# A Disturbing Trend in Evangelicalism



## greenbaggins (May 11, 2009)

I am by no means new in noticing this trend. It has been noticed by many before me. However, I thought I’d just mention it, because it explains quite a lot of what is happening today in what I am loosely calling evangelicalism. The term “evangelicalism,” by the way, is rapidly losing its meaning, if it hasn’t already. If Mormons can be called evangelical, then the term has lost its meaning.

The trend I see is in a particularly narrow definition of what is practical. Modern-day evangelicals have defined practicality as something that helps them at 10:15 AM to do a particular action. If what they hear on Sunday does not help them at 10:15 AM on Monday morning, then it is impractical, in the clouds, esoteric, useless doctrine. I would suggest that this is not a particularly helpful definition of what is practical.

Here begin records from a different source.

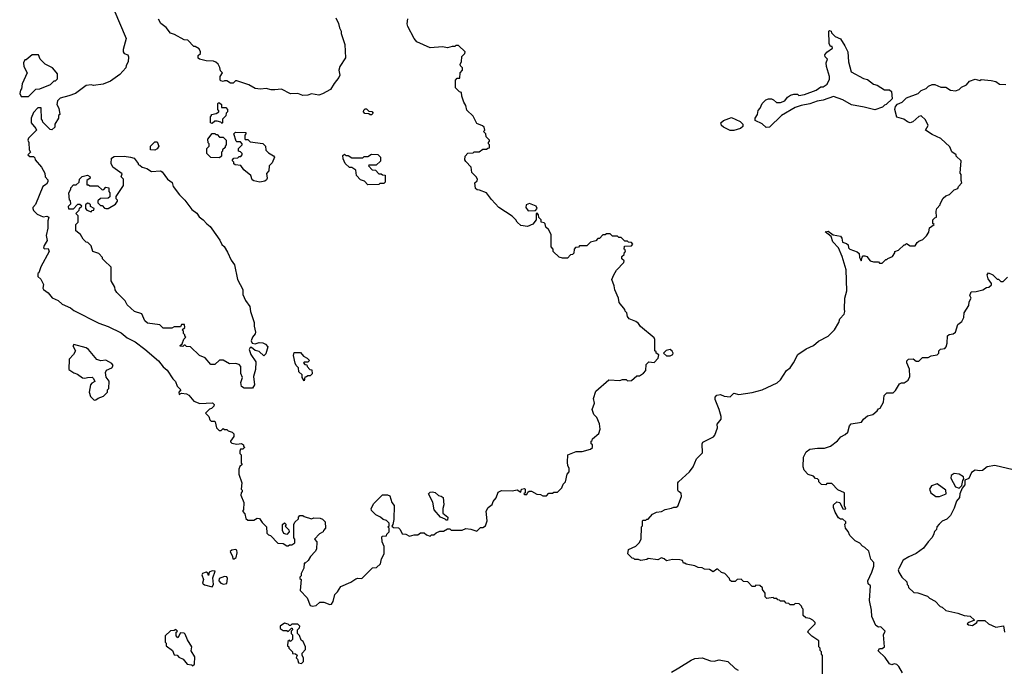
# Model space of a CAD drawing. Extents: x 1861455 to 2058065, y 200073 to 437907.
# Tile 409 of 574: x 2020052 to 2028094, y 306042 to 311348. Entities that reach past the tile are written whole.
import ezdxf

# ---------------------------------------------------------------- set-up
doc = ezdxf.new("R2010")
doc.units = 0

msp = doc.modelspace()

# ---------------------------------------------------------------- linework, layer by layer
at = {"layer": '0CON05XD'}
for points in [[(2020820.7, 311430.7), (2020922.5, 311195), (2020896.7, 311105), (2020897.5, 311085), (2020905, 311072.5), (2020935, 311060), (2020940, 311045), (2020937.5, 311005), (2020922.5, 310975), (2020920, 310955), (2020869.3, 310900.7), (2020795, 310847.5), (2020735, 310822.5), (2020655, 310810), (2020635, 310817.5), (2020595, 310810), (2020507.5, 310745), (2020455, 310726.2), (2020382.7, 310707.3), (2020360, 310685), (2020357, 310657), (2020372.5, 310625), (2020380, 310575), (2020370, 310565), (2020370, 310545), (2020340, 310495), (2020338.3, 310471.7), (2020315, 310450), (2020301.7, 310451.7), (2020241.7, 310511.7), (2020240, 310525), (2020230, 310535), (2020228.3, 310628.3), (2020201.7, 310628.3), (2020165, 310590), (2020147.5, 310545), (2020147.5, 310505), (2020185, 310460), (2020190, 310445), (2020125, 310380), (2020120, 310365), (2020127.5, 310345), (2020130, 310285), (2020140, 310265), (2020120, 310245), (2020135, 310230), (2020165, 310230), (2020175, 310220), (2020180, 310205), (2020230, 310145), (2020257.5, 310095), (2020260, 310065), (2020281.7, 310041.7), (2020282.5, 310025), (2020272.5, 310005), (2020242.5, 309985), (2020181.7, 309838.3), (2020160, 309815), (2020160, 309805), (2020165, 309790), (2020195, 309760), (2020245, 309737.5), (2020275, 309742.5), (2020290, 309735), (2020282.5, 309705), (2020283.3, 309645), (2020270, 309585), (2020277.5, 309545), (2020252.5, 309505), (2020247.5, 309485), (2020255, 309477.5), (2020285, 309480), (2020292.5, 309455), (2020225, 309330), (2020208.3, 309281.7), (2020200, 309275), (2020201.7, 309251.7), (2020225, 309230), (2020246.4, 309186.4), (2020242.5, 309155), (2020247.5, 309145), (2020286.1, 309116.1)], [(2022633.6, 311363.6), (2022657, 311317), (2022663, 311283), (2022677.5, 311255), (2022677.5, 311235), (2022706.7, 311145), (2022713.6, 311036.4), (2022666.2, 310965), (2022660, 310935), (2022666.2, 310895), (2022660, 310875), (2022621.7, 310828.3), (2022592, 310778), (2022525, 310743.3), (2022495, 310732.5), (2022435, 310742.5), (2022405, 310732.5), (2022365, 310730), (2022325, 310746.7), (2022263, 310743), (2022191.7, 310781.7), (2022135, 310776.2), (2022106.4, 310776.4), (2022065, 310786.7), (2022018.3, 310781.7), (2021975, 310787.5), (2021925, 310817.5), (2021825, 310850), (2021815, 310850), (2021795, 310830), (2021775, 310830), (2021745, 310850), (2021725, 310850), (2021715, 310842.5), (2021695, 310850), (2021690, 310855), (2021690, 310885), (2021710, 310915), (2021691.7, 310931.7), (2021687, 310957), (2021672.5, 310985), (2021655, 311002.5), (2021635, 311010), (2021575, 311012.5), (2021520, 311025), (2021510, 311035), (2021510, 311055), (2021528.3, 311071.7), (2021530, 311085), (2021519.3, 311109.3), (2021485, 311130), (2021475, 311130), (2021425, 311180), (2021395, 311182.5), (2021316.7, 311226.7), (2021285, 311237.5), (2021247.5, 311285), (2021206.1, 311316.1), (2021185, 311352.5)], [(2022475, 306562.5), (2022505, 306590), (2022535, 306590), (2022585, 306572.5), (2022600, 306575), (2022612.5, 306595), (2022626.4, 306653.6), (2022647.5, 306675), (2022675, 306720), (2022756.7, 306753.3), (2022798.3, 306781.7), (2022815, 306787.5), (2022847, 306783), (2022935, 306870), (2022967, 306873), (2023000, 306905), (2023007.5, 306945), (2023030, 306985), (2023030, 307045), (2023013, 307083), (2023010, 307125), (2023015, 307130), (2023048.3, 307131.7), (2023050, 307145), (2023070, 307165), (2023070, 307195), (2023060, 307205), (2023070, 307215), (2023070, 307235), (2023047, 307257), (2023020, 307265), (2023000, 307285), (2022960, 307305), (2022925, 307340), (2022922.5, 307355), (2022945, 307397.5), (2023015, 307466.7), (2023055, 307467.5), (2023075, 307460), (2023092.5, 307405), (2023111.7, 307381.7), (2023107, 307267), (2023100, 307225), (2023091.7, 307211.7), (2023105, 307200), (2023147, 307197), (2023160, 307185), (2023175, 307150), (2023207, 307147), (2023235, 307130), (2023275, 307140), (2023305, 307140), (2023325, 307157.5), (2023357, 307157), (2023375, 307140), (2023405, 307130), (2023415, 307140), (2023435, 307140), (2023453, 307157), (2023485, 307170), (2023515, 307170), (2023545, 307190), (2023565, 307190), (2023575, 307180), (2023665, 307180), (2023695, 307192.5), (2023737, 307187), (2023785, 307170), (2023815, 307200), (2023835, 307200), (2023857, 307213), (2023870, 307255), (2023862.5, 307335), (2023877.5, 307365), (2023910.7, 307389.3), (2023918, 307412), (2023945, 307442.5), (2023960.7, 307489.3), (2023987, 307503), (2024075, 307501.2), (2024115, 307507.5), (2024145, 307490), (2024150, 307515), (2024175, 307520), (2024180, 307515), (2024180, 307485), (2024170, 307475), (2024175, 307470), (2024195, 307470), (2024201.7, 307488.3), (2024212.5, 307497.5), (2024233, 307497), (2024275, 307472.5), (2024305, 307470), (2024325, 307460), (2024355, 307460), (2024375, 307480), (2024405, 307480), (2024415, 307490), (2024445, 307490), (2024480, 307525), (2024490, 307555), (2024510, 307575), (2024523, 307637), (2024540, 307655), (2024540, 307685), (2024530, 307705), (2024527.5, 307735), (2024530, 307795), (2024598.3, 307821.7), (2024645, 307822.5), (2024715, 307840), (2024730, 307855), (2024730, 307875), (2024720, 307885), (2024720, 307905), (2024728.3, 307911.7), (2024730, 307925), (2024781.7, 307968.3), (2024792.5, 308005), (2024787, 308047), (2024765, 308100), (2024742.5, 308125), (2024727.5, 308165), (2024747.5, 308215), (2024740, 308255), (2024757.5, 308315), (2024865, 308407.5), (2024955, 308402.5), (2024975, 308410), (2025005, 308410), (2025015, 308400), (2025048.3, 308401.7), (2025091.7, 308438.3), (2025115, 308440), (2025148.3, 308461.7), (2025167, 308483), (2025168.3, 308531.7), (2025190, 308555), (2025235, 308547.5), (2025267.5, 308585), (2025271.7, 308611.7), (2025250, 308625), (2025250, 308635), (2025240, 308645), (2025240, 308735), (2025235, 308750), (2025123.6, 308843.6), (2025105, 308867.5), (2025085, 308882.5), (2025030, 308905), (2025017.5, 308925), (2025010, 308955), (2024998.3, 308968.3), (2024995, 308980), (2024948.3, 309038.3), (2024942.5, 309075), (2024913, 309143), (2024907.5, 309175), (2024887.5, 309225), (2024903.8, 309265), (2024927.7, 309302.3), (2024987.5, 309365), (2024988.3, 309378.3), (2024970, 309395), (2024970, 309415), (2024988.3, 309431.7), (2024991.7, 309448.3), (2025000, 309455), (2024998.3, 309468.3), (2024990, 309475), (2024991.7, 309498.3), (2025048.3, 309501.7), (2025060, 309515), (2025048.3, 309528.3), (2025025, 309530), (2025015, 309540), (2024995, 309540), (2024965, 309570), (2024945, 309570), (2024935, 309580), (2024895, 309580), (2024875, 309600), (2024845, 309600), (2024835, 309590), (2024815, 309590), (2024788.3, 309561.7), (2024775, 309560), (2024757, 309543), (2024715, 309530), (2024685, 309500), (2024625, 309500), (2024615, 309490), (2024591.7, 309488.3), (2024580, 309475), (2024578.3, 309441.7), (2024568.3, 309431.7), (2024551.7, 309428.3), (2024525, 309400), (2024485, 309400), (2024458.3, 309408.3), (2024410, 309455), (2024410, 309475), (2024393, 309493), (2024392.5, 309595), (2024370, 309635), (2024350, 309655), (2024345, 309680), (2024335, 309690), (2024310, 309695), (2024310, 309715), (2024291.7, 309731.7), (2024290, 309755), (2024278.3, 309768.3), (2024270, 309765), (2024270, 309715), (2024243, 309677), (2024200.7, 309659.3), (2024145, 309666.7), (2024115, 309693.3), (2024103.3, 309715), (2024075, 309743.3), (2023966.7, 309815), (2023905, 309880), (2023865, 309933.8), (2023807, 309957), (2023788.3, 309958.3), (2023775, 309970), (2023770, 310015), (2023788.3, 310031.7), (2023790, 310045), (2023780, 310065), (2023745, 310100), (2023740, 310145), (2023695, 310190), (2023687.5, 310205), (2023690, 310235), (2023713, 310257), (2023755, 310260), (2023765, 310270), (2023805, 310270), (2023835, 310290), (2023865, 310290), (2023875, 310300), (2023888.3, 310301.7), (2023890, 310325), (2023880, 310335), (2023880, 310345), (2023890, 310355), (2023890, 310365), (2023861.7, 310391.7), (2023860, 310415), (2023840, 310435), (2023850, 310445), (2023845, 310470), (2023831.7, 310481.7), (2023785, 310500), (2023755, 310560), (2023705, 310610), (2023697, 310647), (2023680, 310675), (2023663, 310723), (2023660, 310755), (2023645, 310760), (2023613, 310793), (2023612.5, 310855), (2023625, 310870), (2023648.3, 310871.7), (2023650, 310915), (2023670, 310935), (2023670, 310955), (2023651.7, 310971.7), (2023650, 310985), (2023660, 311005), (2023663, 311047), (2023688.3, 311071.7), (2023690, 311085), (2023635, 311137.5), (2023615, 311137.5), (2023605, 311130), (2023585, 311130), (2023545, 311117.5), (2023505, 311127.5), (2023405, 311117.5), (2023295, 311167.5), (2023273.3, 311195), (2023222.3, 311292.3), (2023216.7, 311315), (2023222.5, 311355)], [(2026148.3, 310468.3), (2026117, 310497), (2026060, 310525), (2026060, 310545), (2026077, 310573), (2026083, 310607), (2026100, 310625), (2026117, 310663), (2026145, 310692.5), (2026168.3, 310701.7), (2026191.7, 310701.7), (2026210, 310695), (2026233, 310673), (2026265, 310672.5), (2026300, 310685), (2026323.6, 310716.4), (2026348.3, 310731.7), (2026375, 310740), (2026405, 310740), (2026415, 310730), (2026461.7, 310738.3), (2026557, 310773), (2026595, 310800), (2026615, 310800), (2026648.3, 310821.7), (2026667, 310863), (2026667, 310883), (2026642.5, 310965), (2026640, 310995), (2026650, 311025), (2026630, 311045), (2026628.3, 311061.7), (2026645, 311082.5), (2026690, 311115), (2026688.3, 311128.3), (2026675, 311130), (2026663.6, 311153.6), (2026660, 311255), (2026665, 311260), (2026680, 311255), (2026681.7, 311241.7), (2026711.7, 311211.7), (2026755, 311192.5), (2026792.5, 311135), (2026816.7, 311085), (2026820, 311005), (2026843.6, 310923.6), (2026945, 310868), (2026975, 310859.2), (2027025, 310822), (2027055, 310814.2), (2027115, 310776.7), (2027155, 310775.8), (2027171.7, 310761.7), (2027178.3, 310701.7), (2027130, 310655), (2027115, 310650), (2027100, 310635), (2027035, 310612.5), (2026950, 310635), (2026845, 310654), (2026773.9, 310693.9), (2026698.3, 310721.7), (2026615, 310690), (2026565, 310682.5), (2026505, 310660), (2026433.6, 310646.4), (2026385, 310630), (2026273.6, 310566.4), (2026175, 310470), (2026148.3, 310468.3)], [(2020125, 310720), (2020185, 310780), (2020217, 310783), (2020305, 310820), (2020335, 310850), (2020345, 310850), (2020360, 310865), (2020360, 310905), (2020336.4, 310936.4), (2020320, 310955), (2020260, 310985), (2020220, 311025), (2020205, 311060), (2020155, 311060), (2020105, 311020), (2020095, 311020), (2020082.5, 310995), (2020087.5, 310965), (2020112.5, 310915), (2020072.5, 310825), (2020067, 310783), (2020058.3, 310771.7), (2020052.5, 310745), (2020065, 310720), (2020125, 310720)], [(2026298.3, 306598.3), (2026265, 306600), (2026258.3, 306608.3), (2026245, 306610), (2026235, 306620), (2026215, 306620), (2026205, 306630), (2026155, 306620), (2026140, 306635), (2026140, 306665), (2026120, 306695), (2026118.3, 306708.3), (2026098.3, 306728.3), (2026065, 306730), (2026055, 306720), (2026035, 306720), (2025998.3, 306758.3), (2025965, 306760), (2025945, 306780), (2025913, 306777), (2025895, 306760), (2025865, 306760), (2025851.7, 306771.7), (2025850, 306785), (2025810, 306825), (2025783, 306833), (2025755, 306860), (2025745, 306860), (2025715, 306840), (2025687, 306857), (2025645, 306860), (2025625, 306870), (2025593, 306873), (2025567, 306887), (2025495, 306900), (2025485, 306910), (2025475, 306910), (2025465, 306930), (2025445, 306937.5), (2025385, 306938.8), (2025335, 306927.5), (2025316.1, 306946.1), (2025295, 306952.5), (2025265, 306937.5), (2025185, 306947.5), (2025175, 306940), (2025125, 306930), (2025105, 306940), (2025075, 306940), (2025068.3, 306948.3), (2025055, 306950), (2025020, 306985), (2025025, 307020), (2025085, 307047.5), (2025112.5, 307075), (2025127.5, 307105), (2025130, 307205), (2025140, 307215), (2025140, 307255), (2025145, 307260), (2025165, 307260), (2025175, 307270), (2025185, 307270), (2025220.7, 307309.3), (2025253, 307327), (2025295, 307332.5), (2025325, 307347.5), (2025375, 307357.5), (2025395, 307367.5), (2025415, 307367.5), (2025427.5, 307375), (2025457.5, 307455), (2025455, 307480), (2025433.6, 307493.6), (2025427.5, 307505), (2025427.5, 307565), (2025432.5, 307575), (2025522.5, 307655), (2025553.3, 307695), (2025579.3, 307760.7), (2025628.6, 307811.4), (2025626.2, 307883.8), (2025631.7, 307898.3), (2025718.3, 307941.7), (2025730, 307955), (2025752.5, 308015), (2025747.5, 308045), (2025780, 308085), (2025782.5, 308107.5), (2025766.2, 308165), (2025733.3, 308245), (2025733.3, 308265), (2025745, 308282.5), (2025775, 308286.7), (2025805, 308273.3), (2025855, 308267.5), (2025885, 308297.5), (2025925, 308286.7), (2026035, 308303.3), (2026115.9, 308324.1), (2026238.3, 308381.7), (2026265, 308407.5), (2026315, 308482.5), (2026343.9, 308506.1), (2026373.3, 308545), (2026407.5, 308615), (2026475, 308660), (2026535, 308687.5), (2026575, 308722.5), (2026655, 308762.5), (2026707.5, 308815), (2026742.5, 308875), (2026750, 308905), (2026787, 308943), (2026792.5, 308965), (2026787.5, 308985), (2026792.5, 309075), (2026807.5, 309135), (2026802.5, 309305), (2026768.8, 309415), (2026740, 309485), (2026692.5, 309535), (2026678.3, 309578.3), (2026630, 309615), (2026655, 309620), (2026695, 309590), (2026755, 309580), (2026767.5, 309565), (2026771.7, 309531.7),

On the one hand, all doctrine must be practical. However, in saying this, I want it clearly understood that my position is that all true doctrine is by definition practical. Doctrine that is impractical is therefore not true doctrine. What I am getting at is the artificial rift between doctrine and practice that is so rampant in churches these days.

I well remember an incident when I was about fifteen years of age. For some inexplicable reason, someone had actually allowed me to teach a Bible study at this ridiculous age. We were going through 1 Corinthians at the time, and I was set for chapter 14. So, I prepared by reading all the commentaries I had access to at the time. The time came to teach this Bible study. For the most part, it passed off without a comment. However, at one point, one of the members of the Bible study asked a question that implied that we were not really dealing with the application of the text, and that we needed to focus more on that. I replied that we had not really gotten to the stage of understanding the text. This is not an extreme example, of course. And I am not advocating a lack of application in sermons or Bible studies. What I am pointing to is a rush to practicality that seems to want to bypass understanding the meaning of the text. This sort of “practicality” isn’t practical, because how does one know that one is applying the text correctly? Applications from texts are not always right.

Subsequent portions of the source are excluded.